Things can go awry when you question someone's beliefs. But it's also true that the ability to question is what sets us apart from other species. Thus, the question: why do people believe in god when there is no evidence?
The Word of God
According to a Gallup poll, three in four Americans believe that the Bible is the word of God.
When asked whether they believed in God, nine in ten respondents of a Gallup poll―back in 2011―said yes. Things haven't changed much since then.
In June 2014, Gallup released the findings of yet another poll on similar lines, wherein four in ten Americans said that they believed that God created humans in their present form 10,000 years ago.
So why do people believe in God when there no evidence to prove that some supernatural being has ever played any role in the creation of the world?
The biggest problem is that we don't know how the world came into existence. There are quite a few theories, but all have their fair share of criticism. It is rather convenient to point your finger at the sky when you don't have answers.
Our ancestors did the same thing. If there was a drought, it was the rain god. If there was a storm, it was the wind god.
Over the course of time, we understood what the water cycle is why it rains, how a low pressure area forms, and how it triggers a storm, and eventually gave up on these nature gods.
However, the sense of insecurity prevailed, so we brought in new gods. Hence, as long as our sense of insecurity thrives, the existential need for God and religion will continue.
Role of Indoctrination
Most people believe in a particular God and religion, simply because they are taught, or to be precise, indoctrinated to believe in it.
This indoctrination part begins very early, such that the child is aware of the name of gods well before he learns how to read and write.
The evolution of life on the planet and old stone age from school texts are easily overshadowed by Adam and Eve in religious texts.
Then there is another side to the indoctrination part. People make no bones about telling children how they will be punished if they don't believe in God. And it's not just that parents reinforce these ideas in children.
Teachers in public schools, community leaders, celebrities, etc., are also to be blamed. At this age, children are open, and thus, vulnerable. So they stay with the said God and religion throughout their life.
More so, 'other religions' are often derided all along, so there is no scope of changing one's religion for a 'better' religion.
Fear of the Unknown
Most religions thrive on people's fear, and the most abused fear is the fear of death. Nobody knows for sure, but almost all religions promote the concept of afterlife.
So you are told that you will go to heaven if you are in God's good books, or suffer eternal damnation in hell if you are in his bad books. You get into the God's bad books when you sin; there is a whole list of sins out there.
But the simplest way to invite the wrath of God and earn a ticket to hell, they say, is to not believe in God. At the tender of ten, when you get a graphic description of hell by religious head as well as your elders, it tends to stay with you.
If there is punishment, there are perks as well. If you believe in God, you are not just entitled to a better life on the Earth along with a whole lot of perks, but also promised a better afterlife in heaven.

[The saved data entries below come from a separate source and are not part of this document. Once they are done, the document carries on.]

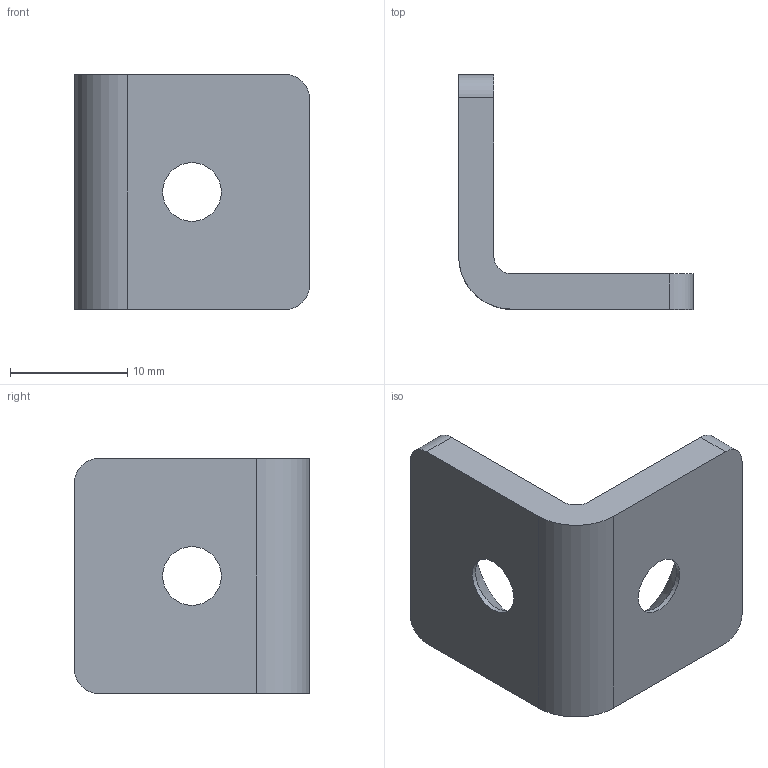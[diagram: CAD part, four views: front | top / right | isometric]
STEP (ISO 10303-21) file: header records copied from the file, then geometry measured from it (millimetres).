
FILE_DESCRIPTION( ( 'STEP AP203' ), '1' );
FILE_NAME( 'C:/Temp/Ganter_Step_05_03_2020/data/3_7/gn_967/gn_967_1/gn_967_1_l/Angle piece GN 967-20-20-L-1-ZB.stp', '2020-03-12T14:48:20', ( 'License CC BY-ND 4.0' ), ( 'CADENAS' ), ' ', 'PARTsolutions', ' ' );
FILE_SCHEMA( ( 'CONFIG_CONTROL_DESIGN' ) );
Length unit declared in the file: millimetre
Products named in the file (1): _Angle piece GN 967-20-20-L-1-ZB
Bounding box: 20 x 20 x 20 mm (x, y, z)
Volume: 1871.6 mm3; surface area: 1731.1 mm2
Topology: 1 solids, 1 shells, 18 faces, 46 edges, 30 vertices
Faces by surface type: cylinder 8, plane 8, cone 2
Full cylindrical faces by diameter (mm): 5 x2
Entity records: 584 total; most frequent: DIRECTION 98, CARTESIAN_POINT 91, ORIENTED_EDGE 84, EDGE_CURVE 42, AXIS2_PLACEMENT_3D 37, VERTEX_POINT 30, EDGE_LOOP 26, LINE 24
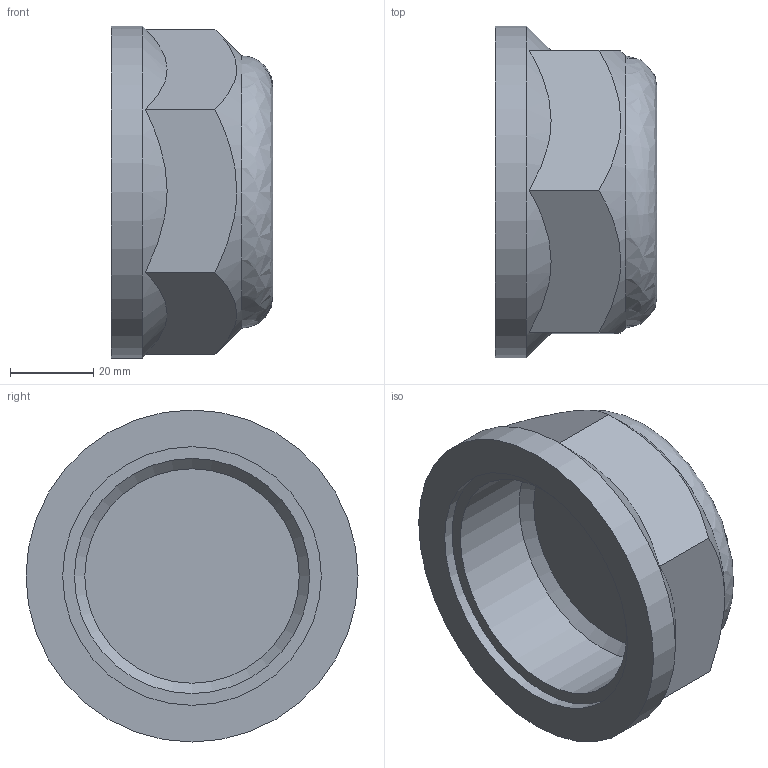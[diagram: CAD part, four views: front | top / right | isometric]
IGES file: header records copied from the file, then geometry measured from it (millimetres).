
Global section: file name: 050707020_0507070200A.ipt; native system: Autodesk Inventor 2015; preprocessor: unknown; author: KIM; date: 20170618.093309; units: millimetre
Bounding box: 39 x 80 x 80 mm (x, y, z)
Volume: 94220.5 mm3; surface area: 21660.2 mm2
Topology: 1 solids, 1 shells, 17 faces, 55 edges, 42 vertices
Faces by surface type: plane 10, revolution 4, cone 2, cylinder 1
Full cylindrical faces by diameter (mm): 80 x1
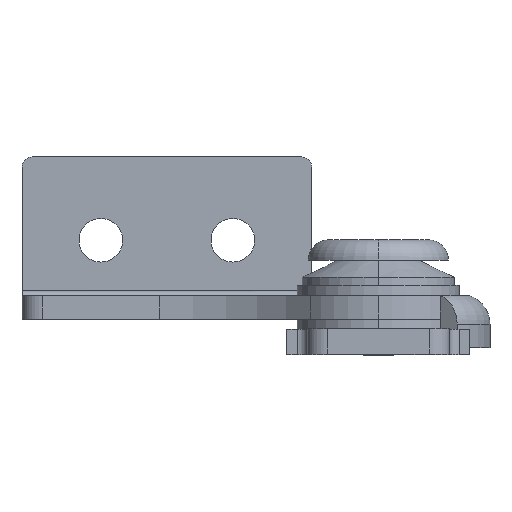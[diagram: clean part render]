
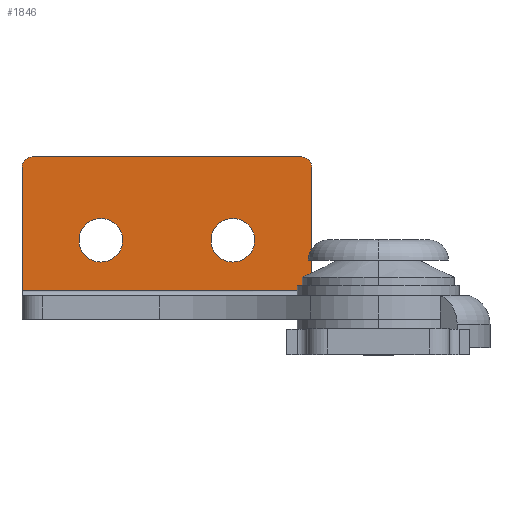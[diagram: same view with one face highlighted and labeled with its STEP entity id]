
A CAD part, top view. The second image highlights one B-rep face of the part: STEP entity #1846.
In plain terms, the highlighted planar face has unit normal (0, 0, 1) as drawn and (0, 0, -1) by its records, which use the part's own axes.
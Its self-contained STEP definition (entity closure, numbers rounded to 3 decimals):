
#38 = VERTEX_POINT ( 'NONE', #178 ) ;
#69 = EDGE_CURVE ( 'NONE', #2522, #555, #525, .T. ) ;
#83 = DIRECTION ( 'NONE',  ( 0., 0., 1. ) ) ;
#159 = FACE_BOUND ( 'NONE', #1075, .T. ) ;
#166 = VECTOR ( 'NONE', #1388, 1000. ) ;
#178 = CARTESIAN_POINT ( 'NONE',  ( 12.178, 10.6, 7.926 ) ) ;
#242 = VERTEX_POINT ( 'NONE', #1969 ) ;
#256 = ORIENTED_EDGE ( 'NONE', *, *, #1332, .F. ) ;
#259 = CIRCLE ( 'NONE', #607, 2.15 ) ;
#288 = DIRECTION ( 'NONE',  ( 1., 0., 0. ) ) ;
#298 = ORIENTED_EDGE ( 'NONE', *, *, #1196, .T. ) ;
#346 = VERTEX_POINT ( 'NONE', #745 ) ;
#377 = DIRECTION ( 'NONE',  ( 1., 0., 0. ) ) ;
#385 = CIRCLE ( 'NONE', #634, 2.15 ) ;
#400 = VERTEX_POINT ( 'NONE', #1093 ) ;
#435 = CARTESIAN_POINT ( 'NONE',  ( 35.092, 2.8, 7.926 ) ) ;
#503 = LINE ( 'NONE', #2559, #1459 ) ;
#525 = CIRCLE ( 'NONE', #1153, 1. ) ;
#545 = AXIS2_PLACEMENT_3D ( 'NONE', #2296, #2498, #907 ) ;
#555 = VERTEX_POINT ( 'NONE', #687 ) ;
#570 = DIRECTION ( 'NONE',  ( 0., 0., -1. ) ) ;
#607 = AXIS2_PLACEMENT_3D ( 'NONE', #1517, #2350, #2311 ) ;
#634 = AXIS2_PLACEMENT_3D ( 'NONE', #2133, #1471, #288 ) ;
#635 = EDGE_CURVE ( 'NONE', #1648, #2387, #503, .T. ) ;
#687 = CARTESIAN_POINT ( 'NONE',  ( 35.092, 17.8, 7.926 ) ) ;
#723 = DIRECTION ( 'NONE',  ( 0., -1., 0. ) ) ;
#740 = CIRCLE ( 'NONE', #1496, 2.15 ) ;
#745 = CARTESIAN_POINT ( 'NONE',  ( 29.478, 10.6, 7.926 ) ) ;
#764 = CIRCLE ( 'NONE', #545, 2.15 ) ;
#765 = DIRECTION ( 'NONE',  ( -1., 0., 0. ) ) ;
#803 = LINE ( 'NONE', #997, #166 ) ;
#898 = DIRECTION ( 'NONE',  ( 1., 0., 0. ) ) ;
#906 = EDGE_CURVE ( 'NONE', #346, #2057, #740, .T. ) ;
#907 = DIRECTION ( 'NONE',  ( 1., 0., 0. ) ) ;
#950 = CARTESIAN_POINT ( 'NONE',  ( 34.092, 18.8, 7.926 ) ) ;
#951 = EDGE_LOOP ( 'NONE', ( #2125, #1832 ) ) ;
#971 = AXIS2_PLACEMENT_3D ( 'NONE', #2436, #570, #1836 ) ;
#982 = EDGE_CURVE ( 'NONE', #400, #555, #2021, .T. ) ;
#997 = CARTESIAN_POINT ( 'NONE',  ( 6.563, 5.628, 7.926 ) ) ;
#1003 = PLANE ( 'NONE',  #1781 ) ;
#1075 = EDGE_LOOP ( 'NONE', ( #1741, #298 ) ) ;
#1093 = CARTESIAN_POINT ( 'NONE',  ( 35.092, 5.628, 7.926 ) ) ;
#1109 = CARTESIAN_POINT ( 'NONE',  ( 6.563, 17.8, 7.926 ) ) ;
#1153 = AXIS2_PLACEMENT_3D ( 'NONE', #1409, #1633, #2461 ) ;
#1196 = EDGE_CURVE ( 'NONE', #2057, #346, #259, .T. ) ;
#1256 = CARTESIAN_POINT ( 'NONE',  ( 16.478, 10.6, 7.926 ) ) ;
#1279 = VECTOR ( 'NONE', #765, 1000. ) ;
#1332 = EDGE_CURVE ( 'NONE', #2522, #242, #2601, .T. ) ;
#1359 = EDGE_LOOP ( 'NONE', ( #256, #1594, #1983, #1553, #2441, #2332 ) ) ;
#1370 = EDGE_CURVE ( 'NONE', #400, #2387, #803, .T. ) ;
#1374 = DIRECTION ( 'NONE',  ( 0., 0., 1. ) ) ;
#1388 = DIRECTION ( 'NONE',  ( -1., 0., 0. ) ) ;
#1409 = CARTESIAN_POINT ( 'NONE',  ( 34.092, 17.8, 7.926 ) ) ;
#1416 = CARTESIAN_POINT ( 'NONE',  ( 0., 0., 7.926 ) ) ;
#1459 = VECTOR ( 'NONE', #723, 1000. ) ;
#1471 = DIRECTION ( 'NONE',  ( 0., 0., 1. ) ) ;
#1496 = AXIS2_PLACEMENT_3D ( 'NONE', #1916, #83, #898 ) ;
#1517 = CARTESIAN_POINT ( 'NONE',  ( 27.328, 10.6, 7.926 ) ) ;
#1530 = CARTESIAN_POINT ( 'NONE',  ( 6.563, 5.628, 7.926 ) ) ;
#1534 = VERTEX_POINT ( 'NONE', #1256 ) ;
#1553 = ORIENTED_EDGE ( 'NONE', *, *, #1370, .T. ) ;
#1556 = CARTESIAN_POINT ( 'NONE',  ( 35.092, 18.8, 7.926 ) ) ;
#1577 = EDGE_CURVE ( 'NONE', #38, #1534, #385, .T. ) ;
#1594 = ORIENTED_EDGE ( 'NONE', *, *, #69, .T. ) ;
#1606 = EDGE_CURVE ( 'NONE', #1534, #38, #764, .T. ) ;
#1633 = DIRECTION ( 'NONE',  ( 0., 0., -1. ) ) ;
#1648 = VERTEX_POINT ( 'NONE', #1109 ) ;
#1741 = ORIENTED_EDGE ( 'NONE', *, *, #906, .T. ) ;
#1781 = AXIS2_PLACEMENT_3D ( 'NONE', #1416, #1374, #377 ) ;
#1832 = ORIENTED_EDGE ( 'NONE', *, *, #1577, .T. ) ;
#1836 = DIRECTION ( 'NONE',  ( 1., 0., 0. ) ) ;
#1840 = VECTOR ( 'NONE', #2460, 1000. ) ;
#1846 = ADVANCED_FACE ( 'NONE', ( #2228, #159, #2625 ), #1003, .F. ) ;
#1879 = CARTESIAN_POINT ( 'NONE',  ( 25.178, 10.6, 7.926 ) ) ;
#1916 = CARTESIAN_POINT ( 'NONE',  ( 27.328, 10.6, 7.926 ) ) ;
#1969 = CARTESIAN_POINT ( 'NONE',  ( 7.563, 18.8, 7.926 ) ) ;
#1983 = ORIENTED_EDGE ( 'NONE', *, *, #982, .F. ) ;
#2021 = LINE ( 'NONE', #435, #1840 ) ;
#2057 = VERTEX_POINT ( 'NONE', #1879 ) ;
#2125 = ORIENTED_EDGE ( 'NONE', *, *, #1606, .T. ) ;
#2133 = CARTESIAN_POINT ( 'NONE',  ( 14.328, 10.6, 7.926 ) ) ;
#2228 = FACE_BOUND ( 'NONE', #951, .T. ) ;
#2249 = EDGE_CURVE ( 'NONE', #1648, #242, #2527, .T. ) ;
#2296 = CARTESIAN_POINT ( 'NONE',  ( 14.328, 10.6, 7.926 ) ) ;
#2311 = DIRECTION ( 'NONE',  ( 1., 0., 0. ) ) ;
#2332 = ORIENTED_EDGE ( 'NONE', *, *, #2249, .T. ) ;
#2350 = DIRECTION ( 'NONE',  ( 0., 0., 1. ) ) ;
#2387 = VERTEX_POINT ( 'NONE', #1530 ) ;
#2436 = CARTESIAN_POINT ( 'NONE',  ( 7.563, 17.8, 7.926 ) ) ;
#2441 = ORIENTED_EDGE ( 'NONE', *, *, #635, .F. ) ;
#2460 = DIRECTION ( 'NONE',  ( 0., 1., 0. ) ) ;
#2461 = DIRECTION ( 'NONE',  ( 1., 0., 0. ) ) ;
#2498 = DIRECTION ( 'NONE',  ( 0., 0., 1. ) ) ;
#2522 = VERTEX_POINT ( 'NONE', #950 ) ;
#2527 = CIRCLE ( 'NONE', #971, 1. ) ;
#2559 = CARTESIAN_POINT ( 'NONE',  ( 6.563, 2.8, 7.926 ) ) ;
#2601 = LINE ( 'NONE', #1556, #1279 ) ;
#2625 = FACE_OUTER_BOUND ( 'NONE', #1359, .T. ) ;

Also, there is the fear of being outcast, and at times, the pressure from your parents, culture, and society forces you into believing in the existence of omniscient, omnipotent, omnipresent God.
Alleged Limitations of Science
If you ask people their reasons to believe in God, many people are quick to list out the limitations of science to suggest that their belief is rational.
Once such question that you often get to hear is, how can the beginning of the universe be a chance happening? Even the big bang theory, they argue, leaves a lot to chance.
Then there is the morality issue, where science is of little or no help. Some people take the spiritual path. They say that if the right and wrong are so consistent throughout the world, then there has to be some higher authority guiding things. It may not be the God as we picture it, they argue, but there has to be some higher authority up there.
Why Do Scientists Believe in God?
When the Pew Research Center questioned the members of the American Association for the Advancement of Science (AAAS), 51 percent respondents replied that they do believe in the almighty.
There is a considerably lengthy list of famous scientists who believed in God.
That shouldn't really come as a surprise, as scientists are also humans. What does come as a surprise though, is the belief that just because scientists and doctors believe in God, there must be some truth in His existence. For the most part, their belief in God doesn't draw parallels with the belief of fundamentalists.
Here, French philosopher Blaise Pascal had words to share. He stated that it was not possible to know whether God exists or not, and therefore, it makes sense to believe that he does, 'coz if he does, and you have believed otherwise, then the chances are that you might spend eternity in hell.
On the other hand, if you have believed that he exists, when he doesn't, then you have nothing or not much to lose.
From the evolutionary point, our belief in God can be associated with our survival instincts, wherein we are wired to believe, it is better to be afraid of the unknown than to take a risk that can eventually result in pain or death. It seems Pascal's words of wisdom do have a point.